In 1994, Florida jewelry designer Diana Duyser discovered what she believed to be the Virgin Mary's image in a grilled cheese sandwich, which she preserved and later auctioned for $28,000. But how much do we really understand about pareidolia, the phenomenon of seeing faces and patterns in objects when they aren't really there?

A new study from the MIT Computer Science and Artificial Intelligence Laboratory (CSAIL) delves into this phenomenon, introducing an extensive, human-labeled dataset of 5,000 pareidolic images, far surpassing previous collections. Using this dataset, the team discovered several surprising results about the differences between human and machine perception, and how the ability to see faces in a slice of toast might have saved your distant relatives' lives.

The study is published on the arXiv preprint server.

"Face pareidolia has long fascinated psychologists, but it's been largely unexplored in the computer vision community," says Mark Hamilton, MIT Ph.D. student in electrical engineering and computer science, CSAIL affiliate, and lead researcher on the work. "We wanted to create a resource that could help us understand how both humans and AI systems process these illusory faces."

So what did all of these fake faces reveal?

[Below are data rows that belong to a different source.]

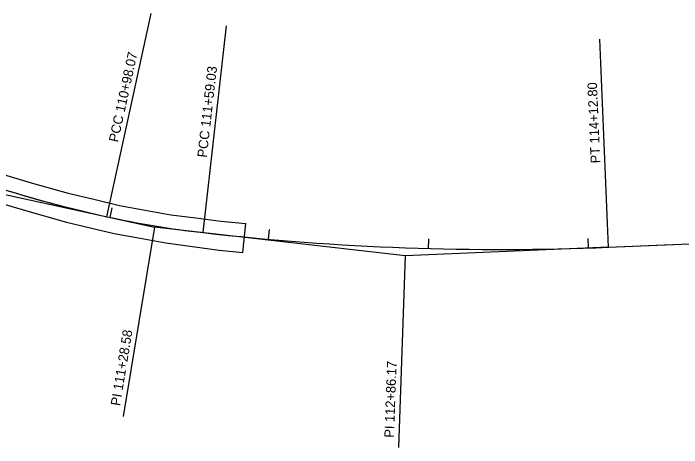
# Model space of a CAD drawing. Extents: x 834421 to 837111, y 495679 to 497078.
# Drawn here: x 835791.5 to 836209, y 496701.7 to 496973 of the extents above; entities that cross this region are included whole.
import ezdxf

# ---------------------------------------------------------------- set-up
doc = ezdxf.new("R2010")
doc.units = 0
for name, color, linetype in [('EXISTING CENTERLINE', 7, 'Continuous'), ('R_Horz Alg', 7, 'Continuous'), ('R_Horz Alg Annot', 7, 'Continuous'), ('R_Horz Alg Stationing', 7, 'Continuous'), ('R_Proposed Road', 7, 'Continuous'), ('Transportation__x002e__STATEWIDE_HIGHWAY_LOGMILES_AHTD_point', 7, 'Continuous')]:
    doc.layers.add(name, color=color, linetype=linetype)

msp = doc.modelspace()

# ---------------------------------------------------------------- linework, layer by layer
at = {"layer": 'EXISTING CENTERLINE'}
msp.add_line((836163.35, 496826.92), (836203.31, 496828.58), dxfattribs=at)
for centre, radius, start, end in [((836012.53, 497592.42), 763.94, 244.97523, 257.70667), ((835978.28, 497435.28), 603.11, 257.70667, 263.49693), ((836095.38, 498462.53), 1637.02, 263.49693, 272.37944), ((836181.65, 496386.56), 440.74, 92.379325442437, 92.37933007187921)]:
    msp.add_arc(centre, radius, start, end, dxfattribs=at)
at = {"layer": 'R_Horz Alg'}
msp.add_line((836163.33, 496826.92), (836250.46, 496830.54), dxfattribs=at)
msp.add_line((836163.33, 496826.92), (836250.46, 496830.54), dxfattribs=at)
for centre, radius, start, end in [((836012.53, 497592.42), 763.94, 246.8875, 257.70667), ((836012.53, 497592.42), 763.94, 246.8875, 257.70667), ((835978.28, 497435.28), 603.11, 257.70667, 263.49722), ((835978.28, 497435.28), 603.11, 257.70667, 263.49722), ((836095.38, 498462.53), 1637.02, 263.49722, 272.37917), ((836095.38, 498462.53), 1637.02, 263.49722, 272.37917)]:
    msp.add_arc(centre, radius, start, end, dxfattribs=at)
at = {"layer": 'R_Horz Alg Annot'}
for p, q in [((835779.19, 496861.39), (835879.68, 496839.5)), ((836036.3, 496821.64), (835879.68, 496839.5)), ((836163.33, 496826.92), (836249.7, 496830.51)), ((836163.33, 496826.92), (836036.3, 496821.64))]:
    msp.add_line(p, q, dxfattribs=at)
for points in [[(835849.87, 496845.99), (835877.55, 496973.01)], [(835909.98, 496836.04), (835924.7, 496965.21)], [(836163.33, 496826.92), (836157.94, 496956.81)], [(835879.68, 496839.5), (835860.08, 496721.11)], [(836036.3, 496821.64), (836031.99, 496701.72)]]:
    msp.add_lwpolyline(points, dxfattribs=at)
for centre, radius, start, end in [((835978.28, 497435.28), 603.11, 257.70667, 263.49722), ((836095.38, 498462.53), 1637.02, 263.49722, 272.37917)]:
    msp.add_arc(centre, radius, start, end, dxfattribs=at)
at = {"layer": 'R_Horz Alg Stationing'}
for points in [[(835853.01, 496851.45), (835851.75, 496845.58)], [(835951.27, 496837.89), (835950.74, 496831.91)], [(836050.72, 496832.12), (836050.56, 496826.12)], [(836150.34, 496832.44), (836150.54, 496826.44)]]:
    msp.add_lwpolyline(points, dxfattribs=at)
at = {"layer": 'R_Proposed Road'}
for p, q in [((835791.48, 496870.48), (835791.49, 496870.53)), ((835934.87, 496823.71), (835936.63, 496841.72))]:
    msp.add_line(p, q, dxfattribs=at)
for points in [[(835791.48, 496870.48), (835804.14, 496866.7), (835825.64, 496860.66), (835841.66, 496856.85), (835857.68, 496853.04), (835873.71, 496850.12), (835889.74, 496847.2), (835905.42, 496845.19), (835921.09, 496843.17), (835936.63, 496841.72)], [(835786.34, 496853.69), (835800.56, 496849.36), (835824.59, 496842.64), (835839.54, 496839.06), (835854.5, 496835.48), (835870.61, 496832.58), (835886.72, 496829.69), (835903.42, 496827.39), (835920.11, 496825.1), (835934.87, 496823.71)]]:
    msp.add_lwpolyline(points, dxfattribs=at)
msp.add_arc((835940.09, 497393.88), 544.04, 243.1853, 254.149, dxfattribs=at)
at = {"layer": 'Transportation__x002e__STATEWIDE_HIGHWAY_LOGMILES_AHTD_point'}
for p, q in [((835794.35, 496857.4), (835794.35, 496857.4)), ((835893.75, 496837.4), (835893.75, 496837.4)), ((835994.93, 496829.89), (835994.93, 496829.89)), ((836197.87, 496830.08), (836197.87, 496830.08)), ((836096.38, 496827.84), (836096.38, 496827.84))]:
    msp.add_line(p, q, dxfattribs=at)

# ---------------------------------------------------------------- texts
at = {"layer": 'R_Horz Alg Annot'}
for s, rotation, p in [('PCC 110+98.07', 77.7067, (835856.86, 496892.16)), ('PCC 111+59.03', 83.4972, (835912.28, 496882.71)), ('PT 114+12.80', 92.3792, (836158.15, 496879.46)), ('PI 111+28.58', 80.6019, (835858.1, 496727.52)), ('PI 112+86.17', 87.9382, (836029.2, 496707.83))]:
    msp.add_text(s, height=6, rotation=rotation, dxfattribs=at).set_placement(p)

doc.saveas('drawing.dxf')

For one, AI models don't seem to recognize pareidolic faces like we do. Surprisingly, the team found that it wasn't until they trained algorithms to recognize animal faces that they became significantly better at detecting pareidolic faces. This unexpected connection hints at a possible evolutionary link between our ability to spot animal faces—crucial for survival—and our tendency to see faces in inanimate objects.